** Opening EXERCISE DATA block **

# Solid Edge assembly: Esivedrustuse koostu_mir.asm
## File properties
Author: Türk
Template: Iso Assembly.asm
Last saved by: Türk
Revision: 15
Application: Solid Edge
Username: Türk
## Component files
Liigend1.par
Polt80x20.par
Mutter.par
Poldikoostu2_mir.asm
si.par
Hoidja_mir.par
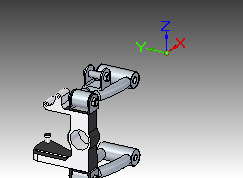
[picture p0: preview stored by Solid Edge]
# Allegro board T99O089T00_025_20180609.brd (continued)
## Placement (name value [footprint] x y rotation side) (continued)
C118  47uF  [C-0805-H1_35]  269.66 135.65 90 top
C119  1uF  [S-C-0402]  206.9 173.93 0 top
C120  0.1uF  [S-C-0402]  203.54 173.93 0 bottom
C121  0.1uF  [S-C-0402]  202.58 173.93 0 bottom
C122  1nF  [S-C-0402]  208.37 173.93 180 bottom
C123  0.1uF  [S-C-0402]  210.76 173.93 180 top
C124  1uF  [S-C-0402]  207.86 173.93 0 top
C125  0.1uF  [S-C-0402]  212.69 173.93 180 top
C126  0.1uF  [S-C-0402]  206.44 173.93 0 bottom
C127  1nF  [S-C-0402]  211.27 173.93 180 bottom
C128  0.1uF  [S-C-0402]  201.61 173.93 0 bottom
C129  1uF  [S-C-0402]  201.61 173.93 0 top
C130  0.1uF  [S-C-0402]  219.45 173.93 180 top
C131  0.1uF  [S-C-0402]  217.06 173.93 0 bottom
C132  1nF  [S-C-0402]  210.3 173.93 180 bottom
C133  0.1uF  [S-C-0402]  216.55 173.93 180 top
C134  1uF  [S-C-0402]  239.37 173.93 0 top
C135  0.1uF  [S-C-0402]  215.13 173.93 0 bottom
C136  0.1uF  [S-C-0402]  214.62 173.93 180 top
C137  1nF  [S-C-0402]  213.2 173.93 180 bottom
C138  0.1uF  [S-C-0402]  219.95 173.93 0 bottom
C139  47uF  [C-0805-H1_35]  231.79 173.49 180 top
C140  1uF  [S-C-0402]  230.23 173.93 0 top
C141  0.1uF  [S-C-0402]  231.2 173.93 0 bottom
C142  0.1uF  [S-C-0402]  235.06 173.93 0 bottom
C143  1nF  [S-C-0402]  242.27 173.93 0 top
C144  0.1uF  [S-C-0402]  230.23 173.93 0 bottom
C145  1uF  [S-C-0402]  209.79 173.93 0 top
C146  0.1uF  [S-C-0402]  228.35 173.91 180 top
C147  0.1uF  [S-C-0402]  228.32 173.94 0 bottom
C148  1nF  [S-C-0402]  236.48 173.93 0 top
C149  0.1uF  [S-C-0402]  236.99 173.93 0 bottom
C150  1uF  [S-C-0402]  270.24 131.92 270 top
C151  0.1uF  [S-C-0402]  238.92 173.93 0 bottom
C152  0.1uF  [S-C-0402]  239.88 173.93 0 bottom
C153  1nF  [S-C-0402]  229.29 173.91 0 top
C154  0.1uF  [S-C-0402]  232.16 173.93 0 bottom
C155  1uF  [S-C-0402]  244.2 173.93 0 top
C156  0.1uF  [S-C-0402]  235.51 173.93 180 top
C157  0.1uF  [S-C-0402]  270.24 118.41 90 top
C158  1nF  [S-C-0402]  270.24 128.52 90 bottom
C159  0.1uF  [S-C-0402]  244.71 173.93 0 bottom
C160  47uF  [C-0805-H1_35]  203.17 173.48 180 top
C161  1uF  [S-C-0402]  238.41 173.93 0 top
C162  0.1uF  [S-C-0402]  242.78 173.93 0 bottom
C163  0.1uF  [S-C-0402]  270.24 126.13 90 top
C164  1nF  [S-C-0402]  270.24 127.55 90 bottom
C165  0.1uF  [S-C-0402]  270.24 135.27 270 bottom
C166  1uF  [S-C-0402]  270.24 137.2 270 top
C167  0.1uF  [S-C-0402]  270.24 137.2 270 bottom
C168  0.1uF  [S-C-0402]  270.24 136.24 270 bottom
C169  1nF  [S-C-0402]  270.24 125.62 90 bottom
C170  0.1uF  [S-C-0402]  270.24 132.38 270 bottom
C171  1uF  [S-C-0402]  270.24 129.02 270 top
C172  0.1uF  [S-C-0402]  270.24 121.3 90 top
C173  0.1uF  [S-C-0402]  270.24 121.76 270 bottom
C174  1nF  [S-C-0402]  241.3 173.93 0 top
C175  0.1uF  [S-C-0402]  270.24 118.86 270 bottom
C176  1uF  [S-C-0402]  270.24 130.96 270 top
C177  0.1uF  [S-C-0402]  270.24 124.2 90 top
C178  0.1uF  [S-C-0402]  270.24 128.06 90 top
C179  1nF  [S-C-0402]  270.24 130.45 90 bottom
C180  0.1uF  [S-C-0402]  270.24 123.69 270 bottom
C181  47uF  [C-0805-H1_35]  205.32 173.48 0 top
C182  1uF  [S-C-0402]  216.09 173.93 0 bottom
C183  0.1uF  [S-C-0402]  245.17 173.93 0 top
C184  0.1uF  [S-C-0402]  270.24 120.34 270 top
C185  1nF  [S-C-0402]  205.48 173.93 0 bottom
C186  0.1uF  [S-C-0402]  270.24 122.27 270 top
C187  1uF  [S-C-0402]  217.51 173.93 180 top
C188  0.1uF  [S-C-0402]  218.48 173.93 0 top
C189  0.1uF  [S-C-0402]  214.16 173.93 180 bottom
C190  1nF  [S-C-0402]  200.65 173.93 0 bottom
C191  0.1uF  [S-C-0402]  246.13 173.93 0 top
C192  1uF  [S-C-0402]  200.65 173.93 180 top
C193  0.1uF  [S-C-0402]  247.09 173.94 0 top
C194  0.1uF  [S-C-0402]  233.13 173.93 180 bottom
C195  1nF  [S-C-0402]  199.68 173.93 0 bottom
C196  0.1uF  [S-C-0402]  234.09 173.93 180 bottom
C197  1uF  [S-C-0402]  199.68 173.93 180 top
C198  0.1uF  [S-C-0402]  240.85 173.93 180 bottom
C199  0.1uF  [S-C-0402]  237.95 173.93 180 bottom
C200  1nF  [S-C-0402]  229.26 173.94 0 bottom
C201  0.1uF  [S-C-0402]  218.99 173.93 180 bottom
C202  47uF  [C-0805-H1_35]  269.66 133.5 270 top
C203  1uF  [S-C-0402]  240.34 173.93 180 top
C204  0.1uF  [S-C-0402]  230.76 171.07 0 bottom
C205  0.1uF  [S-C-0402]  229.74 171.07 0 bottom
C206  1nF  [S-C-0402]  207.41 173.93 0 bottom
C207  0.1uF  [S-C-0402]  220.41 173.93 0 top
C208  1uF  [S-C-0402]  230.1 171.09 0 top
C209  0.1uF  [S-C-0402]  218.02 173.93 180 bottom
C210  0.1uF  [S-C-0402]  212.23 173.93 180 bottom
C211  1nF  [S-C-0402]  241.81 173.93 0 bottom
C212  0.1uF  [S-C-0402]  213.65 173.93 0 top
C213  1uF  [S-C-0402]  229.08 171.09 0 top
C214  0.1uF  [S-C-0402]  209.34 173.93 180 bottom
C215  0.1uF  [S-C-0402]  208.83 173.93 0 top
C216  1nF  [S-C-0402]  246.64 173.93 0 bottom
C217  0.1uF  [S-C-0402]  204.51 173.93 180 bottom
C218  1uF  [S-C-0402]  270.24 123.23 90 top
C219  0.1uF  [S-C-0402]  270.24 134.31 90 bottom
C220  0.1uF  [S-C-0402]  270.24 127.09 270 top
C221  1nF  [S-C-0402]  245.67 173.93 0 bottom
C222  0.1uF  [S-C-0402]  270.24 124.66 90 bottom
C223  47uF  [C-0805-H1_35]  233.94 173.49 0 top
C224  1uF  [S-C-0402]  243.23 173.93 180 top
C225  0.1uF  [S-C-0402]  270.24 120.8 90 bottom
C226  0.1uF  [S-C-0402]  236.02 173.93 180 bottom
C227  1nF  [S-C-0402]  270.24 131.41 270 bottom
C228  0.1uF  [S-C-0402]  215.58 173.93 0 top
C229  1uF  [S-C-0402]  270.24 129.99 90 top
C230  0.1uF  [S-C-0402]  211.72 173.93 0 top
C231  0.1uF  [S-C-0402]  270.24 129.48 90 bottom
C232  1nF  [S-C-0402]  270.24 139.13 270 bottom
C233  0.1uF  [S-C-0402]  270.24 119.83 90 bottom
C234  1uF  [S-C-0402]  270.24 139.13 90 top
C235  0.1uF  [S-C-0402]  270.24 126.59 90 bottom
C236  0.1uF  [S-C-0402]  270.24 125.16 270 top
C237  1nF  [S-C-0402]  270.24 138.17 270 bottom
C238  0.1uF  [S-C-0402]  270.24 119.37 270 top
C239  1uF  [S-C-0402]  270.24 138.17 90 top
C240  0.1uF  [S-C-0402]  270.24 122.73 90 bottom
C241  0.1uF  [S-C-0402]  237.44 173.93 0 top
C242  1nF  [S-C-0402]  270.24 133.34 270 bottom
C243  0.1uF  [S-C-0402]  243.74 173.93 180 bottom
C244  330uF  [C-TAN-S7_3X4_3-H2]  185.29 101.02 270 top
C245  47uF  [C-0805-H1_35]  239.31 112.58 0 top
C246  1uF  [S-C-0402]  205.36 119.5 0 bottom
C247  0.1uF  [S-C-0402]  219.36 125.5 0 bottom
C248  0.1uF  [S-C-0402]  221.36 127.5 0 bottom
C249  1nF  [S-C-0402]  209.36 124.5 0 bottom
C250  1uF  [S-C-0402]  206.36 119.5 180 bottom
C251  0.1uF  [S-C-0402]  222.36 118.5 0 bottom
C252  1nF  [S-C-0402]  205.86 115 270 bottom
C253  0.1uF  [S-C-0402]  218.86 115 90 bottom
C254  1uF  [S-C-0402]  212.36 133.5 180 bottom
C255  0.1uF  [S-C-0402]  246.32 160.04 180 bottom
C256  0.1uF  [S-C-0402]  254.09 117.89 270 bottom
C257  1nF  [S-C-0402]  218.37 133.5 0 bottom
C258  1uF  [S-C-0402]  205.66 153.64 90 bottom
C259  0.1uF  [S-C-0402]  246.83 155.72 90 bottom
C260  1nF  [S-C-0402]  207.73 155.72 270 bottom
C261  0.1uF  [S-C-0402]  246.32 158.26 0 bottom
C262  47uF  [C-0805-H1_35]  266.43 121.23 0 top
C263  330uF  [C-TAN-S7_3X4_3-H2]  185.29 106.36 270 top
C264  22uF  [C-0805]  191.77 103.43 0 top
C265  0.1uF  [S-C-0402]  214.86 125.99 270 bottom
C266  0.1uF  [S-C-0402]  217.36 127.5 0 bottom
C267  0.1uF  [S-C-0402]  218.36 123.5 180 bottom
C268  1uF  [S-C-0402]  208.36 122.5 180 bottom
C269  0.1uF  [S-C-0402]  217.36 123.5 0 bottom
C270  0.1uF  [S-C-0402]  216.36 123.5 180 bottom
C271  1nF  [S-C-0402]  212.36 122.5 180 bottom
C272  0.1uF  [S-C-0402]  214.36 123.5 0 bottom
C273  0.1uF  [S-C-0402]  218.36 121.5 180 bottom
C274  0.1uF  [S-C-0402]  234.66 155.72 90 bottom
C275  0.1uF  [S-C-0402]  229.36 131.5 180 bottom
C276  330uF  [C-TAN-S7_3X4_3-H2]  194.2 142.01 90 bottom
C277  1uF  [S-C-0402]  209.36 116.5 180 bottom
C278  1nF  [S-C-0402]  212.36 117.5 0 bottom
C279  0.1uF  [S-C-0402]  218.36 118.5 0 bottom
C280  1uF  [S-C-0402]  211.43 153.64 270 bottom
C281  0.1uF  [S-C-0402]  229.36 134.5 180 bottom
C282  0.1uF  [S-C-0402]  230.84 160.71 270 bottom
C283  1nF  [S-C-0402]  219.37 135.5 0 bottom
C284  0.1uF  [S-C-0402]  232.58 153.64 270 bottom
C285  1uF  [S-C-0402]  211.86 136 90 bottom
C286  0.1uF  [S-C-0402]  231.36 126.5 180 bottom
C287  0.1uF  [S-C-0402]  229.36 125.5 180 bottom
C288  1nF  [S-C-0402]  220.37 131.5 0 bottom
C289  0.1uF  [S-C-0402]  222.36 135.5 180 bottom
C290  47uF  [C-0805-H1_35]  208.69 139.68 270 bottom
C291  0.1uF  [S-C-0402]  213.36 124.5 180 bottom
C292  1uF  [S-C-0402]  205.36 123.5 180 bottom
C293  0.1uF  [S-C-0402]  212.86 121 90 bottom
C294  0.1uF  [S-C-0402]  211.36 122.5 180 bottom
C295  1nF  [S-C-0402]  210.36 117.5 0 bottom
C296  0.1uF  [S-C-0402]  210.36 124.5 0 bottom
C297  1uF  [S-C-0402]  206.36 123.5 180 bottom
C298  0.1uF  [S-C-0402]  212.36 124.5 0 bottom
C299  0.1uF  [S-C-0402]  210.86 121 90 bottom
C300  1nF  [S-C-0402]  210.36 122.5 180 bottom
C301  0.1uF  [S-C-0402]  213.36 122.5 180 bottom
C302  1uF  [S-C-0402]  227.36 127.5 0 bottom
C303  0.1uF  [S-C-0402]  217.37 137.5 180 bottom
C304  0.1uF  [S-C-0402]  216.86 135 90 bottom
C305  1nF  [S-C-0402]  225.42 157.04 0 bottom
C306  0.1uF  [S-C-0402]  215.86 131 90 bottom
C307  1uF  [S-C-0402]  226.36 125.5 0 bottom
C308  0.1uF  [S-C-0402]  216.37 129.5 180 bottom
C309  0.1uF  [S-C-0402]  217.37 131.5 180 bottom
C310  1nF  [S-C-0402]  226.18 153.64 270 bottom
C311  0.1uF  [S-C-0402]  215.37 133.5 180 bottom
C312  47uF  [C-0805-H1_35]  203.23 139.68 270 bottom
C313  1uF  [S-C-0402]  225.86 124 90 bottom
C314  0.1uF  [S-C-0402]  210.39 159.54 270 bottom
C315  0.1uF  [S-C-0402]  210.09 156.66 270 bottom
C316  1nF  [S-C-0402]  226.36 131.5 0 bottom
C317  0.1uF  [S-C-0402]  212.23 160.77 90 bottom
C318  1uF  [S-C-0402]  217.83 153.64 90 bottom
C319  0.1uF  [S-C-0402]  210.45 160.54 270 bottom
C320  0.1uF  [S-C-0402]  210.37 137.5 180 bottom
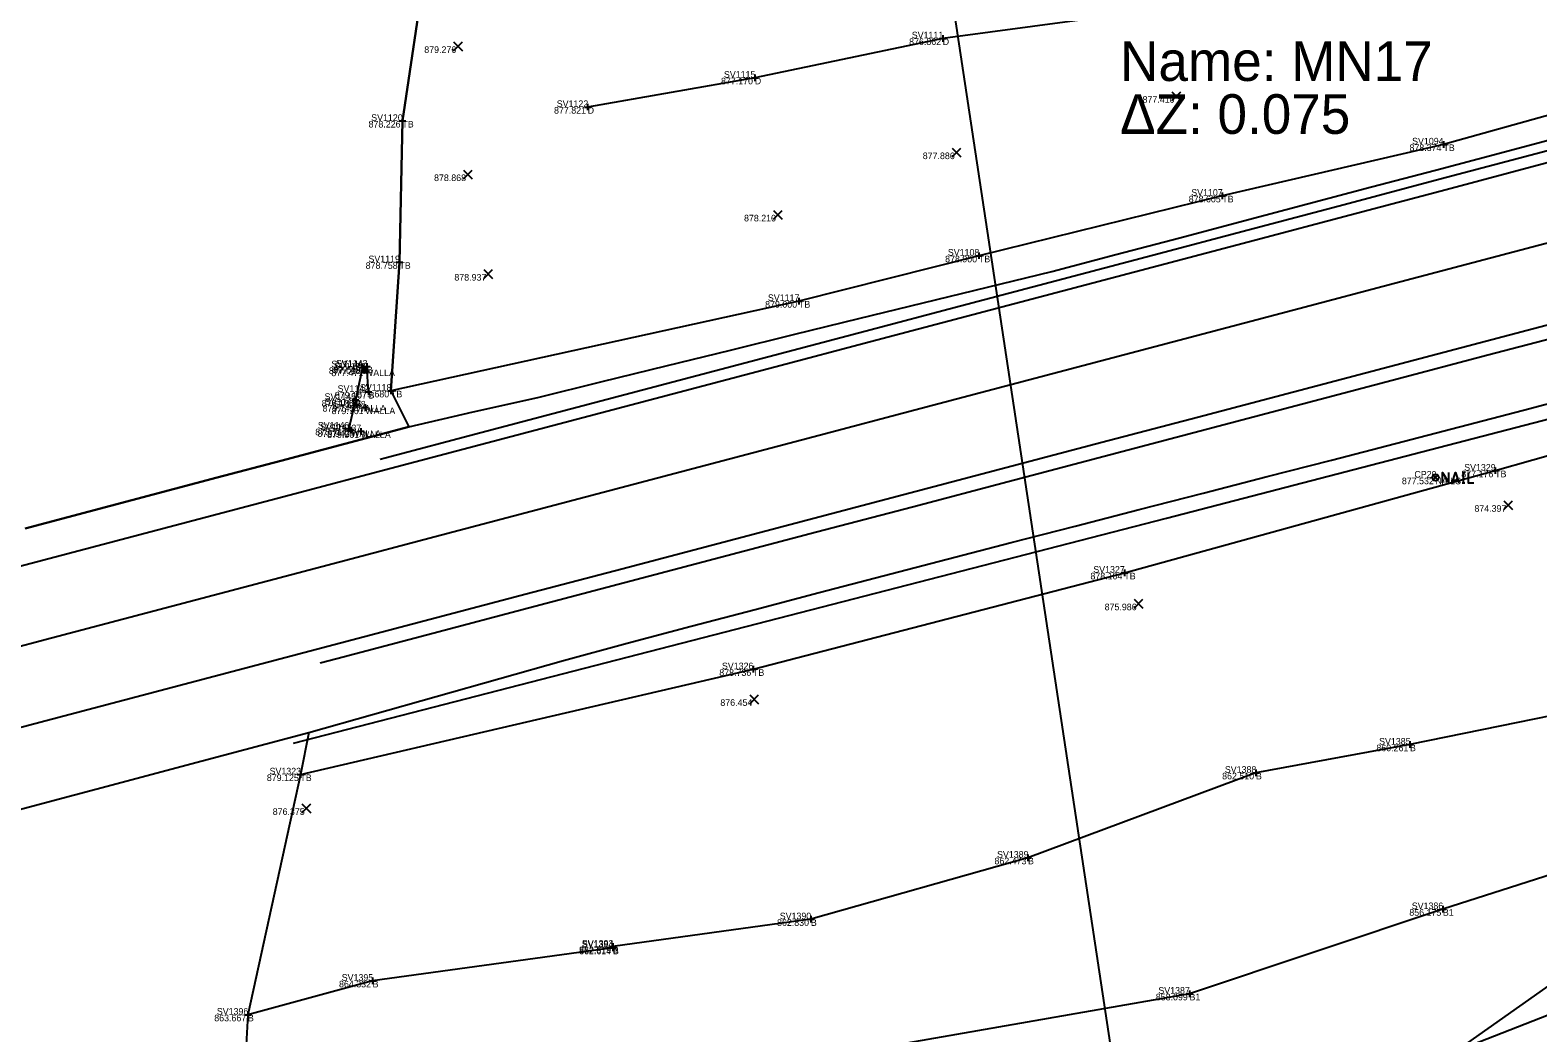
# Model space of a CAD drawing. Extents: x 2125299 to 2129212, y 713100 to 714300.
# Drawn here: x 2128033.5 to 2128261.4, y 713835.6 to 713987.2 of the extents above; entities that cross this region are included whole.
import ezdxf

# ---------------------------------------------------------------- set-up
doc = ezdxf.new("R2010")
doc.units = 0
for name, color, linetype in [('_CIVIL_CONSTRUCTION', 7, 'Continuous'), ('Default', 7, 'Continuous'), ('DR_X_Ditch', 7, 'Continuous'), ('DT_X_Void', 7, 'Continuous'), ('PV_X_EOP', 7, 'Continuous'), ('PV_X_Shoulder_Rumble_Strip', 7, 'Continuous'), ('RD_X_Fence', 7, 'Continuous'), ('RW_P_Esmt_TMP', 7, 'Continuous'), ('RW_X_CL_100_Curve_Data', 7, 'Continuous'), ('RW_X_Esmt_CH', 7, 'Continuous'), ('RW_X_Fee_WL', 7, 'Continuous'), ('SC_Scratch1', 7, 'Continuous'), ('SC_Scratch2', 7, 'Continuous'), ('SV_X_Break_Lines', 7, 'Continuous'), ('SV_X_Mon_Cells_Found', 7, 'Continuous'), ('SV_X_Text_Elevation', 7, 'Continuous'), ('SV_X_Text_Name', 7, 'Continuous'), ('SV_X_Top_of_Bank', 7, 'Continuous'), ('UT_X_Overhead_Telecom_FO', 7, 'Continuous')]:
    doc.layers.add(name, color=color, linetype=linetype)

msp = doc.modelspace()

# ---------------------------------------------------------------- linework, layer by layer
at = {"layer": '_CIVIL_CONSTRUCTION'}
msp.add_lwpolyline([(2128022.26, 713891.52), (2128036.76, 713895.35), (2128051.26, 713899.19), (2128065.76, 713903.02), (2128080.27, 713906.86), (2128094.77, 713910.69), (2128109.27, 713914.52), (2128123.77, 713918.35), (2128138.28, 713922.18), (2128152.78, 713926), (2128167.28, 713929.83), (2128181.79, 713933.66), (2128196.29, 713937.49), (2128210.79, 713941.32), (2128225.3, 713945.14), (2128239.8, 713948.97), (2128254.3, 713952.8), (2128268.81, 713956.63)], dxfattribs=at)
at = {"layer": 'Default'}
msp.add_lwpolyline([(2128027.32, 713868.17), (2128036.98, 713870.74), (2128046.65, 713873.31), (2128056.31, 713875.88), (2128065.98, 713878.44), (2128075.64, 713881.03), (2128074.37, 713874.69), (2128066.44, 713838.36), (2128065.59, 713822.89), (2128050.49, 713795.43), (2128103.72, 713804.69), (2128133.83, 713809.76), (2128180.68, 713818.15), (2128213.09, 713823.85), (2128249.08, 713832.87), (2128285.01, 713846.97)], dxfattribs=at)
at = {"layer": 'DR_X_Ditch'}
msp.add_lwpolyline([(2128539.96, 714065.48), (2128533.93, 714063.76), (2128504.91, 714054.76), (2128447.02, 714038.39), (2128399.37, 714025.09), (2128341.85, 714009.81), (2128283.6, 713994.68), (2128242.74, 713988.86), (2128205.78, 713990.56), (2128171.48, 713986), (2128143.07, 713980.05), (2128117.8, 713975.62)], dxfattribs=at)
at = {"layer": 'DT_X_Void'}
msp.add_lwpolyline([(2128091.1, 714003.39), (2128093.27, 713996.96), (2128089.79, 713973.52), (2128089.34, 713952.15), (2128088.07, 713932.71), (2128090.77, 713927.26), (2128081.1, 713924.7), (2128071.43, 713922.14), (2128061.77, 713919.58), (2128052.1, 713917.02), (2128042.43, 713914.46), (2128032.77, 713911.9)], dxfattribs=at)
at = {"layer": 'PV_X_EOP'}
for points in [[(2128032.77, 713911.9), (2128042.43, 713914.46), (2128052.1, 713917.02), (2128061.77, 713919.58), (2128071.43, 713922.14), (2128081.1, 713924.7), (2128090.77, 713927.26), (2128100.51, 713929.52), (2128110.27, 713931.7), (2128119.98, 713934.09), (2128129.69, 713936.48), (2128139.4, 713938.87), (2128149.11, 713941.25), (2128158.82, 713943.63), (2128168.53, 713946.01), (2128178.25, 713948.39), (2128187.96, 713950.77), (2128197.63, 713953.31), (2128207.3, 713955.86), (2128216.97, 713958.42), (2128226.63, 713960.98), (2128236.3, 713963.53), (2128245.97, 713966.09), (2128255.64, 713968.65), (2128265.3, 713971.22)], [(2128027.32, 713868.17), (2128036.98, 713870.74), (2128046.65, 713873.31), (2128056.31, 713875.88), (2128065.98, 713878.44), (2128075.64, 713881.03), (2128085.26, 713883.75), (2128094.88, 713886.47), (2128104.51, 713889.2), (2128114.13, 713891.92), (2128123.77, 713894.56), (2128133.44, 713897.11), (2128143.11, 713899.65), (2128152.78, 713902.2), (2128162.46, 713904.74), (2128172.14, 713907.24), (2128181.82, 713909.74), (2128191.5, 713912.24), (2128201.18, 713914.74), (2128210.87, 713917.24), (2128220.55, 713919.74), (2128230.23, 713922.24), (2128239.91, 713924.74), (2128249.6, 713927.24), (2128259.27, 713929.78), (2128268.94, 713932.34)]]:
    msp.add_lwpolyline(points, dxfattribs=at)
at = {"layer": 'PV_X_Shoulder_Rumble_Strip'}
for points in [[(2128086.42, 713922.37), (2128087.17, 713922.56), (2128101.67, 713926.39), (2128116.17, 713930.23), (2128130.67, 713934.06), (2128145.17, 713937.89), (2128159.68, 713941.72), (2128174.18, 713945.55), (2128188.68, 713949.38), (2128203.18, 713953.21), (2128217.68, 713957.05), (2128232.18, 713960.89), (2128246.68, 713964.74), (2128261.18, 713968.58), (2128275.68, 713972.42), (2128290.18, 713976.26), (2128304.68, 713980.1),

** Closing EXERCISE DATA block **

● PROBLEM DETAILS
Look above for the line holding "217.36 123.5 0 bottom" and the line holding "160.71 270 bottom". Retype both, and every line between them, word for word and nothing else.

● EXPECTED ANSWER
C269  0.1uF  [S-C-0402]  217.36 123.5 0 bottom
C270  0.1uF  [S-C-0402]  216.36 123.5 180 bottom
C271  1nF  [S-C-0402]  212.36 122.5 180 bottom
C272  0.1uF  [S-C-0402]  214.36 123.5 0 bottom
C273  0.1uF  [S-C-0402]  218.36 121.5 180 bottom
C274  0.1uF  [S-C-0402]  234.66 155.72 90 bottom
C275  0.1uF  [S-C-0402]  229.36 131.5 180 bottom
C276  330uF  [C-TAN-S7_3X4_3-H2]  194.2 142.01 90 bottom
C277  1uF  [S-C-0402]  209.36 116.5 180 bottom
C278  1nF  [S-C-0402]  212.36 117.5 0 bottom
C279  0.1uF  [S-C-0402]  218.36 118.5 0 bottom
C280  1uF  [S-C-0402]  211.43 153.64 270 bottom
C281  0.1uF  [S-C-0402]  229.36 134.5 180 bottom
C282  0.1uF  [S-C-0402]  230.84 160.71 270 bottom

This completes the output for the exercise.